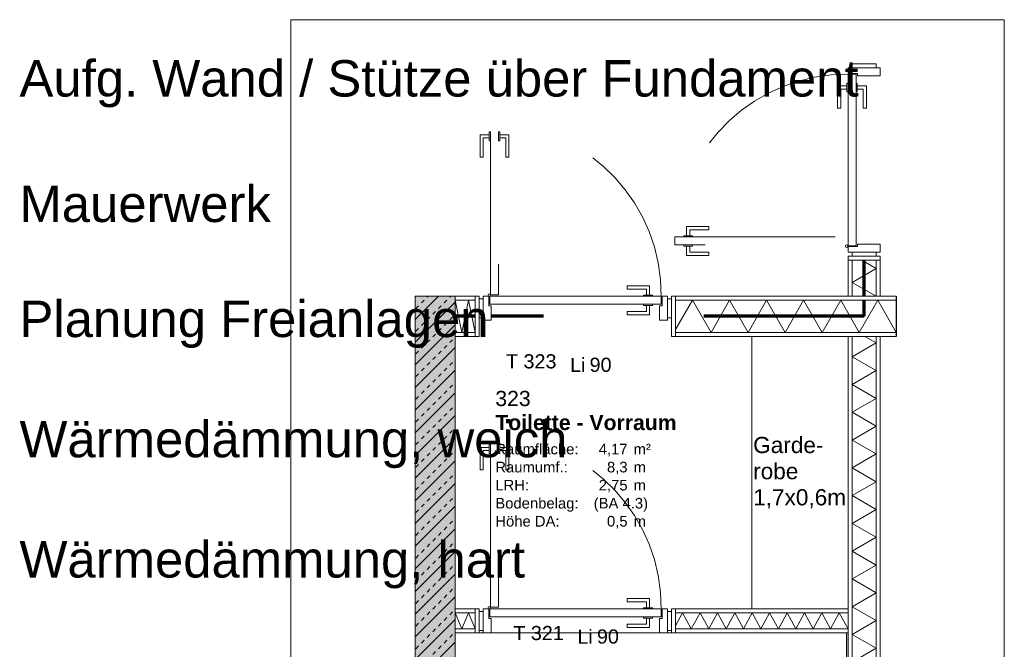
# Model space of a CAD drawing. Header units: metres. Extents: x -49 to 152, y -127 to 99.
# Tile 166 of 177: x 36.21 to 42.35, y -8.28 to -4.35. Entities that reach past the tile are written whole.
import ezdxf
from ezdxf.enums import TextEntityAlignment as Align

# ---------------------------------------------------------------- set-up
doc = ezdxf.new("R2010")
doc.units = ezdxf.units.M
doc.linetypes.add('gestrichelt - 01', pattern=[2, 1, -1])
for name, color, linetype, lineweight, true_color in [('013_Beton und Stahlbetonarbeiten-000 Sichtbeton-333 Außenstütze', 5, 'Continuous', 5, 0x0000ff), ('013_Beton und Stahlbetonarbeiten-000 Sichtbeton-334 Außenwandöf', 5, 'Continuous', 5, 0x0000ff), ('013_Beton und Stahlbetonarbeiten-000 Sichtbeton-341 tragende In', 5, 'Continuous', 5, 0x0000ff), ('013_Beton und Stahlbetonarbeiten-000 Sichtbeton-344 Innenwandöf', 5, 'Continuous', 5, 0x0000ff), ('039_Trockenbauarbeiten-340 Dämmung', 7, 'Continuous', 9, 0xc0c0c0), ('045_Sanitärausstattung-allg.', 9, 'Continuous', 9, 0x808080), ('AV1-Stempel-Türnummern', 7, 'Continuous', 100, 0x02abea)]:
    doc.layers.add(name, color=color, linetype=linetype, lineweight=lineweight, true_color=true_color)
for name, color, linetype, lineweight in [('013_Beton und Stahlbetonarbeiten-340 Innenwände', 7, 'Continuous', 18), ('024_Fliesen_Plattenarbeiten-340 Fliesen', 7, 'Continuous', 9), ('027_Tischlerarbeiten-340 Innentüren', 7, 'Continuous', 9), ('031_Metallbauarbeiten-340 Innentüren _ Elemente', 7, 'Continuous', 9), ('039_Trockenbauarbeiten-340 Gipskarton', 7, 'Continuous', 9), ('_Legende (2D)', 7, 'Continuous', 9), ('_OG 3 (2D)', 7, 'Continuous', 9), ('AV1-Brandschutzkonzept-Brandschutzkonzept', 7, 'Continuous', 5), ('AV1-Stempel-Raumstempel', 7, 'Continuous', 9), ('Keine', 7, 'Continuous', 9)]:
    doc.layers.add(name, color=color, linetype=linetype, lineweight=lineweight)
doc.styles.add('Arial', font='arial.ttf')
doc.styles.add('Arial (bold)', font='arialbd.ttf')

# ---------------------------------------------------------------- blocks, each defined once
blk = doc.blocks.new('Group-57')
at = {"color": 255, "linetype": 'Continuous', "lineweight": 5}
blk.add_wipeout([(39.05, -6.1), (38.925, -6.1), (38.925, -6.3), (39.05, -6.3)], dxfattribs=at).dxf.layer = '039_Trockenbauarbeiten-340 Dämmung'
blk = doc.blocks.new('Group-58')
at = {"layer": '039_Trockenbauarbeiten-340 Dämmung', "transparency": 33554687, "flags": 128}
blk.add_lwpolyline([(39.0502, -6.3), (39.0085, -6.1), (38.9667, -6.3), (38.925, -6.1)], dxfattribs=at)
blk = doc.blocks.new('Group-59')
at = {"layer": '039_Trockenbauarbeiten-340 Dämmung'}
blk.add_blockref('Group-57', (0, 0), dxfattribs=at)
at = {"layer": '039_Trockenbauarbeiten-340 Dämmung', "transparency": 33554687}
blk.add_blockref('Group-58', (0, 0), dxfattribs=at)
blk = doc.blocks.new('Group-60')
at = {"color": 255, "linetype": 'Continuous', "lineweight": 5}
blk.add_wipeout([(39.05, -8.05), (38.925, -8.05), (38.925, -8.15), (39.05, -8.15)], dxfattribs=at).dxf.layer = '039_Trockenbauarbeiten-340 Dämmung'
blk = doc.blocks.new('Group-61')
at = {"layer": '039_Trockenbauarbeiten-340 Dämmung', "transparency": 33554687, "flags": 128}
blk.add_lwpolyline([(39.0502, -8.15), (39.0085, -8.05), (38.9667, -8.15), (38.925, -8.05)], dxfattribs=at)
blk = doc.blocks.new('Group-62')
at = {"layer": '039_Trockenbauarbeiten-340 Dämmung'}
blk.add_blockref('Group-60', (0, 0), dxfattribs=at)
at = {"layer": '039_Trockenbauarbeiten-340 Dämmung', "transparency": 33554687}
blk.add_blockref('Group-61', (0, 0), dxfattribs=at)
blk = doc.blocks.new('Group-725')
at = {"color": 255, "linetype": 'Continuous', "lineweight": 5}
blk.add_wipeout([(-16.075, 13.45), (-15.825, 13.45), (-15.825, 13.6), (-16.075, 13.6)], dxfattribs=at).dxf.layer = '039_Trockenbauarbeiten-340 Dämmung'
blk = doc.blocks.new('Group-726')
at = {"layer": '039_Trockenbauarbeiten-340 Dämmung', "transparency": 33554687, "flags": 128}
blk.add_lwpolyline([(-16.075, 13.6), (-15.9884, 13.45), (-15.9018, 13.6), (-15.825, 13.467)], dxfattribs=at)
blk = doc.blocks.new('Group-727')
at = {"layer": '039_Trockenbauarbeiten-340 Dämmung'}
blk.add_blockref('Group-725', (0, 0), dxfattribs=at)
at = {"layer": '039_Trockenbauarbeiten-340 Dämmung', "transparency": 33554687}
blk.add_blockref('Group-726', (0, 0), dxfattribs=at)
blk = doc.blocks.new('Parametric Object-92')
at = {"layer": '039_Trockenbauarbeiten-340 Dämmung', "color": 7, "transparency": 33554687}
blk.add_blockref('Group-727', (0, 0), dxfattribs=at)
at = {"layer": '039_Trockenbauarbeiten-340 Dämmung', "color": 0, "flags": 1}
for tag in ['IFC_UUID', 'instanceID', 'prm0_name', 'prm0_type', 'prm0_value', 'prm1_name', 'prm1_type', 'prm1_value', 'prm2_name', 'prm2_type', 'prm2_value', 'prm3_name', 'prm3_type', 'prm3_value', 'prm4_name', 'prm4_type', 'prm4_value', 'prm5_name', 'prm5_type', 'prm5_value', 'prm6_name', 'prm6_type', 'prm6_value']:
    blk.add_attdef(tag, (41.4, -6.075), '', height=0.00018, dxfattribs=at)
blk = doc.blocks.new('Group-728')
at = {"color": 255, "linetype": 'Continuous', "lineweight": 5}
blk.add_wipeout([(41.375, -8.05), (40.3, -8.05), (40.3, -8.15), (41.375, -8.15)], dxfattribs=at).dxf.layer = '039_Trockenbauarbeiten-340 Dämmung'
blk = doc.blocks.new('Group-729')
at = {"layer": '039_Trockenbauarbeiten-340 Dämmung', "transparency": 33554687, "flags": 128}
for points in [[(40.7234, -8.15), (40.6691, -8.05), (40.6147, -8.15), (40.5604, -8.05), (40.5061, -8.15), (40.4518, -8.05), (40.3975, -8.15), (40.3431, -8.05), (40.3, -8.1294)], [(41.0493, -8.15), (40.995, -8.05), (40.9407, -8.15), (40.8863, -8.05), (40.832, -8.15), (40.7777, -8.05), (40.7234, -8.15), (40.6691, -8.05), (40.6259, -8.1294)], [(41.3752, -8.15), (41.3209, -8.05), (41.2666, -8.15), (41.2123, -8.05), (41.1579, -8.15), (41.1036, -8.05), (41.0493, -8.15), (40.995, -8.05), (40.9518, -8.1294)]]:
    blk.add_lwpolyline(points, dxfattribs=at)
blk = doc.blocks.new('Group-730')
at = {"layer": '039_Trockenbauarbeiten-340 Dämmung'}
blk.add_blockref('Group-728', (0, 0), dxfattribs=at)
at = {"layer": '039_Trockenbauarbeiten-340 Dämmung', "transparency": 33554687}
blk.add_blockref('Group-729', (0, 0), dxfattribs=at)
blk = doc.blocks.new('Group-731')
at = {"color": 255, "linetype": 'Continuous', "lineweight": 5}
blk.add_wipeout([(-21.475, 13.45), (-16.325, 13.45), (-16.325, 13.6), (-21.475, 13.6)], dxfattribs=at).dxf.layer = '039_Trockenbauarbeiten-340 Dämmung'
blk = doc.blocks.new('Group-732')
at = {"layer": '039_Trockenbauarbeiten-340 Dämmung', "transparency": 33554687, "flags": 128}
blk.add_lwpolyline([(-21.475, 13.6), (-21.3884, 13.45), (-21.3018, 13.6), (-21.2152, 13.45), (-21.1286, 13.6), (-21.042, 13.45), (-20.9554, 13.6), (-20.8688, 13.45), (-20.7822, 13.6), (-20.6956, 13.45), (-20.609, 13.6), (-20.5224, 13.45), (-20.4358, 13.6), (-20.3492, 13.45), (-20.2626, 13.6), (-20.176, 13.45), (-20.0894, 13.6), (-20.0028, 13.45), (-19.9162, 13.6), (-19.8296, 13.45), (-19.7429, 13.6), (-19.6563, 13.45), (-19.5697, 13.6), (-19.4831, 13.45), (-19.3965, 13.6), (-19.3099, 13.45), (-19.2233, 13.6), (-19.1367, 13.45), (-19.0501, 13.6), (-18.9635, 13.45), (-18.8769, 13.6), (-18.7903, 13.45), (-18.7037, 13.6), (-18.6171, 13.45), (-18.5305, 13.6), (-18.4439, 13.45), (-18.3573, 13.6), (-18.2707, 13.45), (-18.1841, 13.6), (-18.0975, 13.45), (-18.0109, 13.6), (-17.9243, 13.45), (-17.8377, 13.6), (-17.7511, 13.45), (-17.6645, 13.6), (-17.5779, 13.45), (-17.4913, 13.6), (-17.4047, 13.45), (-17.3181, 13.6), (-17.2315, 13.45), (-17.1449, 13.6), (-17.0583, 13.45), (-16.9717, 13.6), (-16.8851, 13.45), (-16.7985, 13.6), (-16.7119, 13.45), (-16.6253, 13.6), (-16.5387, 13.45), (-16.4521, 13.6), (-16.3655, 13.45), (-16.325, 13.5201)], dxfattribs=at)
blk = doc.blocks.new('Group-733')
at = {"layer": '039_Trockenbauarbeiten-340 Dämmung'}
blk.add_blockref('Group-731', (0, 0), dxfattribs=at)
at = {"layer": '039_Trockenbauarbeiten-340 Dämmung', "transparency": 33554687}
blk.add_blockref('Group-732', (0, 0), dxfattribs=at)
blk = doc.blocks.new('Parametric Object-93')
at = {"layer": '039_Trockenbauarbeiten-340 Dämmung', "color": 7, "transparency": 33554687}
blk.add_blockref('Group-733', (0, 0), dxfattribs=at)
at = {"layer": '039_Trockenbauarbeiten-340 Dämmung', "color": 0, "flags": 1}
for tag in ['IFC_UUID', 'instanceID', 'prm0_name', 'prm0_type', 'prm0_value', 'prm1_name', 'prm1_type', 'prm1_value', 'prm2_name', 'prm2_type', 'prm2_value', 'prm3_name', 'prm3_type', 'prm3_value', 'prm4_name', 'prm4_type', 'prm4_value', 'prm5_name', 'prm5_type', 'prm5_value', 'prm6_name', 'prm6_type', 'prm6_value']:
    blk.add_attdef(tag, (41.4, -11.475), '', height=0.00018, dxfattribs=at)
blk = doc.blocks.new('Group-734')
at = {"color": 255, "linetype": 'Continuous', "lineweight": 5}
blk.add_wipeout([(41.676, -6.1), (40.3, -6.1), (40.3, -6.3), (41.676, -6.3)], dxfattribs=at).dxf.layer = '039_Trockenbauarbeiten-340 Dämmung'
blk = doc.blocks.new('Group-735')
at = {"layer": '039_Trockenbauarbeiten-340 Dämmung', "transparency": 33554687, "flags": 128}
blk.add_lwpolyline([(41.676, -6.3), (41.5604, -6.1), (41.4449, -6.3), (41.3293, -6.1), (41.2138, -6.3), (41.0982, -6.1), (40.9827, -6.3), (40.8671, -6.1), (40.7516, -6.3), (40.636, -6.1), (40.5205, -6.3), (40.4049, -6.1), (40.3, -6.2816)], dxfattribs=at)
blk = doc.blocks.new('Group-736')
at = {"layer": '039_Trockenbauarbeiten-340 Dämmung'}
blk.add_blockref('Group-734', (0, 0), dxfattribs=at)
at = {"layer": '039_Trockenbauarbeiten-340 Dämmung', "transparency": 33554687}
blk.add_blockref('Group-735', (0, 0), dxfattribs=at)
blk = doc.blocks.new('Türnummer 2 - Innentür')
at = {"layer": '031_Metallbauarbeiten-340 Innentüren _ Elemente', "char_height": 0.08826, "attachment_point": 8, "line_spacing_factor": 0.965511, "style": 'Arial'}
for s, insert in [('Li', (0, -0.0671)), ('90', (0.1423, -0.0671))]:
    blk.add_mtext(s, dxfattribs=dict(at, insert=insert))
at = {"layer": '031_Metallbauarbeiten-340 Innentüren _ Elemente', "style": 'Arial'}
blk.add_attdef('Türnummer', text='', height=0.0883, dxfattribs=at).set_placement((-0.2903, -0.071), align=Align.BOTTOM_CENTER)
at = {"layer": '031_Metallbauarbeiten-340 Innentüren _ Elemente', "color": 7, "transparency": 33554687, "style": 'Arial'}
blk.add_attdef('Schallschutzklasse', text='', height=0.0883, dxfattribs=at).set_placement((-0.1763, -0.2296), align=Align.BOTTOM_CENTER)
at = {"layer": 'Keine', "color": 0, "flags": 1}
for tag, p in [('Lichte_Breite', (-0.4481, -0.3885)), ('Panikfunktion', (-0.4481, -0.5473)), ('AT-Nr.', (-0.4481, -0.7062))]:
    blk.add_attdef(tag, p, '', height=0.0883, dxfattribs=at)
blk = doc.blocks.new('Raumstempel - Symbol - 2')
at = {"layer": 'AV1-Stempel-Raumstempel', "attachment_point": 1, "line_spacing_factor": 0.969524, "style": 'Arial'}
::::::
WHAT YOU HAVE TO DO
Please give back exactly the lines from the first line of the records above through the line containing "doc.linetypes.add('gestrichelt - 01', pattern=[2, 1, -1])", only those and both included, with the pictures removed.

OUTPUT FOR THIS EXERCISE
# Model space of a CAD drawing. Header units: metres. Extents: x -49 to 152, y -127 to 99.
# Tile 166 of 177: x 36.21 to 42.35, y -8.28 to -4.35. Entities that reach past the tile are written whole.
import ezdxf
from ezdxf.enums import TextEntityAlignment as Align

# ---------------------------------------------------------------- set-up
doc = ezdxf.new("R2010")
doc.units = ezdxf.units.M
doc.linetypes.add('gestrichelt - 01', pattern=[2, 1, -1])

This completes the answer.